A (Brad): It provides proof of execution. Brands want to know their products were on shelf during a campaign, and retailers want that same validation. Our data becomes a shared source of truth, helping optimize investment and in-store performance across the ecosystem.
Q: Are you seeing retailers use your data for localization?
A (Brad): Absolutely. Every store is a snowflake. Real-time data enables retailers to tailor assortments, correct merchandising lapses, and optimize seasonal setups. We even see COOs of major retailers logging in to monitor performance at the store level.
Q: Simbe brings together robotics, sensors, and AI. It’s more than just automation. How do you define Simbe today?
A (Brad): We’ve evolved into a multimodal platform. Robots remain the most scalable way to collect high-fidelity data, but we also use fixed cameras and hybrid edge-cloud processing. We're no longer just about identifying issues, we’re helping retailers orchestrate entirely new operating models.
Q: Any advice for companies just beginning their journey?
A (Brad): Start with the data.
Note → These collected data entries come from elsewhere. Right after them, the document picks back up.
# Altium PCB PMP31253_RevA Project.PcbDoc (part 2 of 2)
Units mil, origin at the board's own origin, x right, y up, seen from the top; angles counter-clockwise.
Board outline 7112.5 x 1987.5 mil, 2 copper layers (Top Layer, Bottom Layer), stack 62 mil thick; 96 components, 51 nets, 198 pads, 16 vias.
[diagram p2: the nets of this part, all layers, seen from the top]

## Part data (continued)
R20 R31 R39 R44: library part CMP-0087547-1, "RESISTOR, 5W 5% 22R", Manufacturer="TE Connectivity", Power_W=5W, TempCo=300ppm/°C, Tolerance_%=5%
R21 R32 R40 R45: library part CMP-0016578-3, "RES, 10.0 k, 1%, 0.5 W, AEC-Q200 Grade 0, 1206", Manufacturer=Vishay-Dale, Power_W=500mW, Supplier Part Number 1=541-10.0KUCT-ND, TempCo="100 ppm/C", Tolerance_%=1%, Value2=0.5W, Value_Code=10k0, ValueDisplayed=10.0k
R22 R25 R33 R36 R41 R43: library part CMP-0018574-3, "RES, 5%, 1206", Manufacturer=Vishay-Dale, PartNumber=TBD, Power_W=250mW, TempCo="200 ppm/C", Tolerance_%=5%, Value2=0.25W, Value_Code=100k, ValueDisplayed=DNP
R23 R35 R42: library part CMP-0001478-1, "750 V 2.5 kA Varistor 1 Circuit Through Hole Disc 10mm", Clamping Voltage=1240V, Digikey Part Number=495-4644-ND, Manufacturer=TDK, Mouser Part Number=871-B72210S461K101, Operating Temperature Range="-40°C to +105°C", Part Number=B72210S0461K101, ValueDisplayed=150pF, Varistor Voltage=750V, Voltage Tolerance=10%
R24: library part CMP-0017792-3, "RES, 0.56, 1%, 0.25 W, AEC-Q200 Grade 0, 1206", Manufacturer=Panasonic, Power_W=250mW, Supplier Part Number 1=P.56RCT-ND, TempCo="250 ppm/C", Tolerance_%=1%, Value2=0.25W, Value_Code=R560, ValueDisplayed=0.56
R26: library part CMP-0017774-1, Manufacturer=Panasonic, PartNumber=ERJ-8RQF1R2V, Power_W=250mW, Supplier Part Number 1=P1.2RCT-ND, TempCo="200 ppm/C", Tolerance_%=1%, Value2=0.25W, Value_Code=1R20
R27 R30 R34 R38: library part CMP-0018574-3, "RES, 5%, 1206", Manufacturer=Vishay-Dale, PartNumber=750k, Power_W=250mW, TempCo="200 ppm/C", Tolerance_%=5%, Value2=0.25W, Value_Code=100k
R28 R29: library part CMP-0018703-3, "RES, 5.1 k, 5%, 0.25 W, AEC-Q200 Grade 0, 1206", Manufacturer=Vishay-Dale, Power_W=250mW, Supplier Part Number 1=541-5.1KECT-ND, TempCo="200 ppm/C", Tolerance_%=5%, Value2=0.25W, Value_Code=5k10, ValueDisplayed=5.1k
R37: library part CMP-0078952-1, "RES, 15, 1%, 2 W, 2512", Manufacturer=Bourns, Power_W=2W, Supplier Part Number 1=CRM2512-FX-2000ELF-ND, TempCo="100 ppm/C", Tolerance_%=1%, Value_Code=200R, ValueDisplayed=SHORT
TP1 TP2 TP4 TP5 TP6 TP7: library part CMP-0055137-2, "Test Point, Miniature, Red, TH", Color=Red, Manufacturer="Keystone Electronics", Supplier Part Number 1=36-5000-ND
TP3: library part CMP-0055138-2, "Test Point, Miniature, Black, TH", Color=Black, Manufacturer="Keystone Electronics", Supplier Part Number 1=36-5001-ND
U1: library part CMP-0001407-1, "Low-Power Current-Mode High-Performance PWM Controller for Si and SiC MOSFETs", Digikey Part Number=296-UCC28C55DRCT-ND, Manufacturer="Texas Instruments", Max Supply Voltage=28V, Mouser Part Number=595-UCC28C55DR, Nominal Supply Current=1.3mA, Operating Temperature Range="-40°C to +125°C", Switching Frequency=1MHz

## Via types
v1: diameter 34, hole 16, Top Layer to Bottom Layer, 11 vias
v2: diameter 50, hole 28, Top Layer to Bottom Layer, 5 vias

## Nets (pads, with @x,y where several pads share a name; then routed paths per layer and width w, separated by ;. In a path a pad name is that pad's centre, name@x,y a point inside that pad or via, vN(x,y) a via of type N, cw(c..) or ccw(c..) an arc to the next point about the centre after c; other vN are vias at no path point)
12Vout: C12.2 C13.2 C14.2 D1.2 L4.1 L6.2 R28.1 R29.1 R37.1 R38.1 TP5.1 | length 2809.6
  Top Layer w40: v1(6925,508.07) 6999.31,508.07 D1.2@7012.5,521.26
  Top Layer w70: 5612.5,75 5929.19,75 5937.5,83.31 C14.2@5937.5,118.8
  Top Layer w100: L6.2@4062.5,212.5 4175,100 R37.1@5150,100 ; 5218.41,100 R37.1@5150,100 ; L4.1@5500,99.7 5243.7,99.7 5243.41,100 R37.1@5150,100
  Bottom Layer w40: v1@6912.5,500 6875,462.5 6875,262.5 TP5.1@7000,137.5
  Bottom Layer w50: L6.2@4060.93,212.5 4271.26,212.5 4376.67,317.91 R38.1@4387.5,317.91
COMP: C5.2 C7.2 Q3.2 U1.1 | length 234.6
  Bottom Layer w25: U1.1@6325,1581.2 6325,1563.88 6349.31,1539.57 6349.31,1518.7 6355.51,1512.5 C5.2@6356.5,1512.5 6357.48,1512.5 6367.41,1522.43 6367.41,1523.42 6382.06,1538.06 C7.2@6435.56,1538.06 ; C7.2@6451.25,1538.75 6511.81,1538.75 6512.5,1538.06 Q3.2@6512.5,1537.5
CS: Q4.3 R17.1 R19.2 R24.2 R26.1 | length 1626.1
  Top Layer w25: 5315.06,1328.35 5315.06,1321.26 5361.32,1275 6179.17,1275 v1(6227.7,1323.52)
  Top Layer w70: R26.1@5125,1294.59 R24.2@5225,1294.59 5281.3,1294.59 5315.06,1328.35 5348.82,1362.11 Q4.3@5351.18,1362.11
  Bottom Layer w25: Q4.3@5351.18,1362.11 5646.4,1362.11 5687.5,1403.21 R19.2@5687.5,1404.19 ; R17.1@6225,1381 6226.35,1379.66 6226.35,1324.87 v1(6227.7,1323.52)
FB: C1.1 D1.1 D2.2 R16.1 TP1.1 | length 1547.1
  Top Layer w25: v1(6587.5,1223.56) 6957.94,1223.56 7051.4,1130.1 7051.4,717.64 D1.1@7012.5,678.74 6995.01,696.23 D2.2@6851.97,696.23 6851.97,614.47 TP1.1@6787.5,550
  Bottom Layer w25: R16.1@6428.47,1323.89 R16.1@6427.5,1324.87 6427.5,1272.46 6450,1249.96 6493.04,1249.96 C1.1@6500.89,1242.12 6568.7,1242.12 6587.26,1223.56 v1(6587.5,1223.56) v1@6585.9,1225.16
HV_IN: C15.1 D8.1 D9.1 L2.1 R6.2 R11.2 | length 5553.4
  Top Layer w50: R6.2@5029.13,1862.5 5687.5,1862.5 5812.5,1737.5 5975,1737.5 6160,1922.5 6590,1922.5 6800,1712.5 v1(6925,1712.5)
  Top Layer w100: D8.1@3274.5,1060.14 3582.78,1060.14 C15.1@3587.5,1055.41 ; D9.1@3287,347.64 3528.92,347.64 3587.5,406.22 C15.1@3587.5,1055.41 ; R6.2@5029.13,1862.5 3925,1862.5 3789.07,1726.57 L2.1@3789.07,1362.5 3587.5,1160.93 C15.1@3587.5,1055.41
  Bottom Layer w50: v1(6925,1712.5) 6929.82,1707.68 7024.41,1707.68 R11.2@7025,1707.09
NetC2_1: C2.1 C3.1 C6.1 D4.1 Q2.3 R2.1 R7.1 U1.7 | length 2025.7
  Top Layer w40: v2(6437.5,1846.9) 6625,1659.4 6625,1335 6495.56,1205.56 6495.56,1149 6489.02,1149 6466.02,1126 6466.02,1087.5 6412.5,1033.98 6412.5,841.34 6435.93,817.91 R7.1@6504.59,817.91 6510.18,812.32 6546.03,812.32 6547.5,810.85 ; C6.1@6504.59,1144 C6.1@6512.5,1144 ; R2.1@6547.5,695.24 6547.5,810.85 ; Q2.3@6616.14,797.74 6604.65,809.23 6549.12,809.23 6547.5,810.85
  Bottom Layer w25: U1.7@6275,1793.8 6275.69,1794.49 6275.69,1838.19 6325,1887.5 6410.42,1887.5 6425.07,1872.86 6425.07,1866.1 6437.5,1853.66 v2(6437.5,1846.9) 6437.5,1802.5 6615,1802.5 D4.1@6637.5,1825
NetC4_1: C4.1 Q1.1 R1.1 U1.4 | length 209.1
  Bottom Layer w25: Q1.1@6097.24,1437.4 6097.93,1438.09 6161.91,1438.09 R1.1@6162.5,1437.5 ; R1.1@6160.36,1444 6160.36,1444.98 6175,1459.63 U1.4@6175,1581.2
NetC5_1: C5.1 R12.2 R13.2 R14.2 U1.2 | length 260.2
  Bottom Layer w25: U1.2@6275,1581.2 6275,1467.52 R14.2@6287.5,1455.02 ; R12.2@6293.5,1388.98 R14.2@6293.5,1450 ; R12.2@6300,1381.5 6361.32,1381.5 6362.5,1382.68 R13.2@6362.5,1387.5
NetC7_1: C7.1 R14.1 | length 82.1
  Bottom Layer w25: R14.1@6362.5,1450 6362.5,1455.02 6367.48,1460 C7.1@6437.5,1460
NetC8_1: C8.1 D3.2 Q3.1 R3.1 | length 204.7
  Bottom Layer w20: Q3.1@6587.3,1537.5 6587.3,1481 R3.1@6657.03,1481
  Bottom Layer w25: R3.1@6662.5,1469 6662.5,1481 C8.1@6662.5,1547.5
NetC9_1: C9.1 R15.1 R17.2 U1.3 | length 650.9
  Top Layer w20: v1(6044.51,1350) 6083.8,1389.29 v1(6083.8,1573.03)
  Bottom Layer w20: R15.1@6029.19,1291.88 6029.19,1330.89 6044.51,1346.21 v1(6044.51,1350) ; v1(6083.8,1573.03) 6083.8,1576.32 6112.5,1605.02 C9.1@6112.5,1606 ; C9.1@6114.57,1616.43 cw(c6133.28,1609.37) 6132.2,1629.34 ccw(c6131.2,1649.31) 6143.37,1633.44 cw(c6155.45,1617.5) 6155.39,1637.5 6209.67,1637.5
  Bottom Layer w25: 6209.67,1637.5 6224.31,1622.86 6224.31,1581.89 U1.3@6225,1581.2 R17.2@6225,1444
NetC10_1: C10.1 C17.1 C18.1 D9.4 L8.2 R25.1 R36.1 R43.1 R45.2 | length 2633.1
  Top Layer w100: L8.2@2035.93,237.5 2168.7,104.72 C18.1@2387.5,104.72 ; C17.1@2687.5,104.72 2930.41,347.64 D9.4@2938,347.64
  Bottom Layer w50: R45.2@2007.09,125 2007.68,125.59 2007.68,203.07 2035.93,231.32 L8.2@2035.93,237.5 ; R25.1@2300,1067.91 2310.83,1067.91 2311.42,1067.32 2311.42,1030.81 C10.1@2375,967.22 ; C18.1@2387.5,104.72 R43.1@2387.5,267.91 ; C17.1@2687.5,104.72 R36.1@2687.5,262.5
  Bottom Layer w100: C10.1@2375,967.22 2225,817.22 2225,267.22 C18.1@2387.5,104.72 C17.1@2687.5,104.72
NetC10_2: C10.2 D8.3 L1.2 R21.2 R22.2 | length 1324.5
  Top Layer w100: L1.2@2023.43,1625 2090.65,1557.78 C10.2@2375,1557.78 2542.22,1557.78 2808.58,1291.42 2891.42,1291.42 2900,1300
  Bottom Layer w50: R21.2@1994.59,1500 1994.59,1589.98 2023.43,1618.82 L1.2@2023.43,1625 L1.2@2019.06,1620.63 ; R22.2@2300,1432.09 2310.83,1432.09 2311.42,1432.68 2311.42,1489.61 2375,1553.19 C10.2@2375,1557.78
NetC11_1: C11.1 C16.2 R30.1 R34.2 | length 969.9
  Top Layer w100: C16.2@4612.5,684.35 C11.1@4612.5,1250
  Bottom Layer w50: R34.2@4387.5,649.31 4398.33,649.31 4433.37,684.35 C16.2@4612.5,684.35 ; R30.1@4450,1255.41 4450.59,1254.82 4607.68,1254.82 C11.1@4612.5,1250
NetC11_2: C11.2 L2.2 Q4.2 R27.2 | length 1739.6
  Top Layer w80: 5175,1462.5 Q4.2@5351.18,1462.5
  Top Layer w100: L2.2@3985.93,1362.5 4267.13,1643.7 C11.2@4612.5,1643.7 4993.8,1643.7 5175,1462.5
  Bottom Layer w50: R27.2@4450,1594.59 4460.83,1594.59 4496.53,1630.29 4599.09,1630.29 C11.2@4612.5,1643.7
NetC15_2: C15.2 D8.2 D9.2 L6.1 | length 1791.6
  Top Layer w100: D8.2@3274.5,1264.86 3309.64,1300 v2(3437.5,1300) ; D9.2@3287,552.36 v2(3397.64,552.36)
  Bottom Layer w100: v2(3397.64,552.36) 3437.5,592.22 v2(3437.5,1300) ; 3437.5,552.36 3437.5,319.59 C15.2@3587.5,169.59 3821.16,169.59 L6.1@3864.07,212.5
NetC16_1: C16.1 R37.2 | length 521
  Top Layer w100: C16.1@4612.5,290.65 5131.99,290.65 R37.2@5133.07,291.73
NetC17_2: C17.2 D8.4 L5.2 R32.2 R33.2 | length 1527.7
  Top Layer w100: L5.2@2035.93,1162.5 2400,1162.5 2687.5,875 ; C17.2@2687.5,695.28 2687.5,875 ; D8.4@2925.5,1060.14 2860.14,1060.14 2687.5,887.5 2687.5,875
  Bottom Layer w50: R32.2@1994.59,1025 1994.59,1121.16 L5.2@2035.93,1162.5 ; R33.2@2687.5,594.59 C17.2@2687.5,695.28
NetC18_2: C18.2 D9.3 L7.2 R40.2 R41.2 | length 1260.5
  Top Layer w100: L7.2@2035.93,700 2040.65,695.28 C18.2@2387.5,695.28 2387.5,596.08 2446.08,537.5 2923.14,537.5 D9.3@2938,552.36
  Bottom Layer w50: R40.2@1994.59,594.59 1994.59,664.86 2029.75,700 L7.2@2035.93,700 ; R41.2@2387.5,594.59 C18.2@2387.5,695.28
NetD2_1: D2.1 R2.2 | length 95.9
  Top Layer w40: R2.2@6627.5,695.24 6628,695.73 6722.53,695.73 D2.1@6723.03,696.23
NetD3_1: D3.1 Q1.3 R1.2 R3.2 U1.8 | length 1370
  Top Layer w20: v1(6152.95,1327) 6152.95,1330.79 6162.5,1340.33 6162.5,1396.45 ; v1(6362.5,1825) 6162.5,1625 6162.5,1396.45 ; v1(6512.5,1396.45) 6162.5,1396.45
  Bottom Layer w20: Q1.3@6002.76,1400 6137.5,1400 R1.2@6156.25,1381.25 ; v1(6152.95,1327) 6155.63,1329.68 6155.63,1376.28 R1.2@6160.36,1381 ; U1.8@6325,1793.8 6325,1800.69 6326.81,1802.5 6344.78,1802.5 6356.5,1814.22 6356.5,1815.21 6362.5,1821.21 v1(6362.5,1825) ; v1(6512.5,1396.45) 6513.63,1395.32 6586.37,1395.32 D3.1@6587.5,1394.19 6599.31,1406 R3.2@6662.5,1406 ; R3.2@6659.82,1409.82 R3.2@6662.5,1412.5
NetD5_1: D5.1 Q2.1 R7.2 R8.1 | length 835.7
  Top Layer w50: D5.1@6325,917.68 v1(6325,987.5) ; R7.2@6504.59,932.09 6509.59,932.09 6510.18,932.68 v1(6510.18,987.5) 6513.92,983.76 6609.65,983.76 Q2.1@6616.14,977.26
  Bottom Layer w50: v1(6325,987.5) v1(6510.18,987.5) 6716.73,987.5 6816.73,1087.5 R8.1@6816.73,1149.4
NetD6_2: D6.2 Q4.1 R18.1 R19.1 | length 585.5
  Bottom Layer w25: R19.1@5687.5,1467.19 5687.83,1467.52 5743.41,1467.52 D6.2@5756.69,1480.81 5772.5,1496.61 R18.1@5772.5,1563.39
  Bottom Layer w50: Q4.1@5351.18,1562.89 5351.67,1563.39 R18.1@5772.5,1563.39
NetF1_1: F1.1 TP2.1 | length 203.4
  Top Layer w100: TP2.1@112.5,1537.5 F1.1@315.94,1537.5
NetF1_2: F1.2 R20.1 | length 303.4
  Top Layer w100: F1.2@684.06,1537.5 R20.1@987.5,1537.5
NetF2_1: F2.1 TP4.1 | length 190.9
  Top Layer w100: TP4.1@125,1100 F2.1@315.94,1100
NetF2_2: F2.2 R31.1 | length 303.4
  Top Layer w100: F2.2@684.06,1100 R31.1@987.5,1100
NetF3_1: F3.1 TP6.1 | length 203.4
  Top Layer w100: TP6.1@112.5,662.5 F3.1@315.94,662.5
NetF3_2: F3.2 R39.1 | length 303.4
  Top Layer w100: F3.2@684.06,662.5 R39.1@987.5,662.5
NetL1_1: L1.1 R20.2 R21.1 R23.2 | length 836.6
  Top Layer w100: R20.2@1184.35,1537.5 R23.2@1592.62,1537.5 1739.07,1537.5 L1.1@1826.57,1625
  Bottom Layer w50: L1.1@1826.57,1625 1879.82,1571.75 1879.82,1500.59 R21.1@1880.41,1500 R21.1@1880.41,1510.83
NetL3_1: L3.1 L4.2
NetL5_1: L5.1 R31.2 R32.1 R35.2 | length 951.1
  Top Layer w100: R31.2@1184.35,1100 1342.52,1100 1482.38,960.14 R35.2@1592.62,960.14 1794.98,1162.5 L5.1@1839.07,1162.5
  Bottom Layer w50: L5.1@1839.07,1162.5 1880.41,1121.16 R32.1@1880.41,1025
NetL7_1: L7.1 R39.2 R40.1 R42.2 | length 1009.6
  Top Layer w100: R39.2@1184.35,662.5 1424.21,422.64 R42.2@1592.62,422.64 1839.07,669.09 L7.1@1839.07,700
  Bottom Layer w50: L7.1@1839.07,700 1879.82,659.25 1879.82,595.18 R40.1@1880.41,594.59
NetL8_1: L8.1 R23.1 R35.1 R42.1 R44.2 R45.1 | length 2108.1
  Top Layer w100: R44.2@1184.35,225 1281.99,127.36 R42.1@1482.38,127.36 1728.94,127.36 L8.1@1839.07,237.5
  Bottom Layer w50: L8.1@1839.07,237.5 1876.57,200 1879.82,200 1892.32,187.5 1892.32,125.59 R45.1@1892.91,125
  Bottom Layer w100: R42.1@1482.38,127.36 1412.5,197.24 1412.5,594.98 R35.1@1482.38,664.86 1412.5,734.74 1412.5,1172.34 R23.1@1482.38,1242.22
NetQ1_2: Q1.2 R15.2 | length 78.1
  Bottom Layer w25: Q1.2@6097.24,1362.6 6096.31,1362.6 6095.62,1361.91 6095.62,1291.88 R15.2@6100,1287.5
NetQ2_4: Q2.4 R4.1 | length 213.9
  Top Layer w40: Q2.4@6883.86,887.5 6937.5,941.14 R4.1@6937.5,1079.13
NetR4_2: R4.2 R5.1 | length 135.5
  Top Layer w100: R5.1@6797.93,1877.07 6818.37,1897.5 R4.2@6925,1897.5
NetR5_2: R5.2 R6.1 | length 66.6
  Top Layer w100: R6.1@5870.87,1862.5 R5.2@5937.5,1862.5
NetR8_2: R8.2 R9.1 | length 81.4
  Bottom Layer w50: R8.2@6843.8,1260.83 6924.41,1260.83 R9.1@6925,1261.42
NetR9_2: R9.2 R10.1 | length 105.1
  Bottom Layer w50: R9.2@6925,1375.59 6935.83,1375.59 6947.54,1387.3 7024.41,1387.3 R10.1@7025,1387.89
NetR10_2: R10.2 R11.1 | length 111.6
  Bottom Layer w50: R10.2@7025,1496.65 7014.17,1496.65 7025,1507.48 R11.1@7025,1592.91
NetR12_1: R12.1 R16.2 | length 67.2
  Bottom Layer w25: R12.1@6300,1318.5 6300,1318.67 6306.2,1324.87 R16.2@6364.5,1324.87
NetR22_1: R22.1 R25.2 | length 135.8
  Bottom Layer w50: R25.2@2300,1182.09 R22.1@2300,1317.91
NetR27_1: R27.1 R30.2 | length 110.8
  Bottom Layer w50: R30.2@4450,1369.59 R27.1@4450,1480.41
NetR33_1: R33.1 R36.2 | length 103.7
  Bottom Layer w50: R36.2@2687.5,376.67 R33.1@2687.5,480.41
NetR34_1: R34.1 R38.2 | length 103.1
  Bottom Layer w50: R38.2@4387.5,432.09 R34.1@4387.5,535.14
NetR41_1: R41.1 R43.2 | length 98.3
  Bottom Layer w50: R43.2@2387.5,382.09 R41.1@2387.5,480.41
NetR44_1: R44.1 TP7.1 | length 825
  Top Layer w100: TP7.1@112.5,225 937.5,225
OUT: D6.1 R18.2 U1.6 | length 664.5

Run a pilot across a representative store set—not just a flagship—and compare it to what you think you know. Make sure your ops, merchandising, and finance teams are aligned. And elevate the conversation to senior leadership. Once they see the data, the value becomes clear.
Q: Does Simbe support peer learning across retailers?
A (Brad): Definitely. From informal client introductions to a formal customer advisory board and participation in forums like NRF and FMI, we’re creating spaces for retailers to share best practices, define success, and accelerate time-to-value.
Q: We’re midway through 2025, what’s next for Simbe?
A (Brad): We’re seeing AI-first retail go mainstream. Demand is coming from both growth-oriented and turnaround retailers. Internationally, we’re expanding in Europe and beyond. Our vision remains: to make intelligent automation ubiquitous in every store on the planet.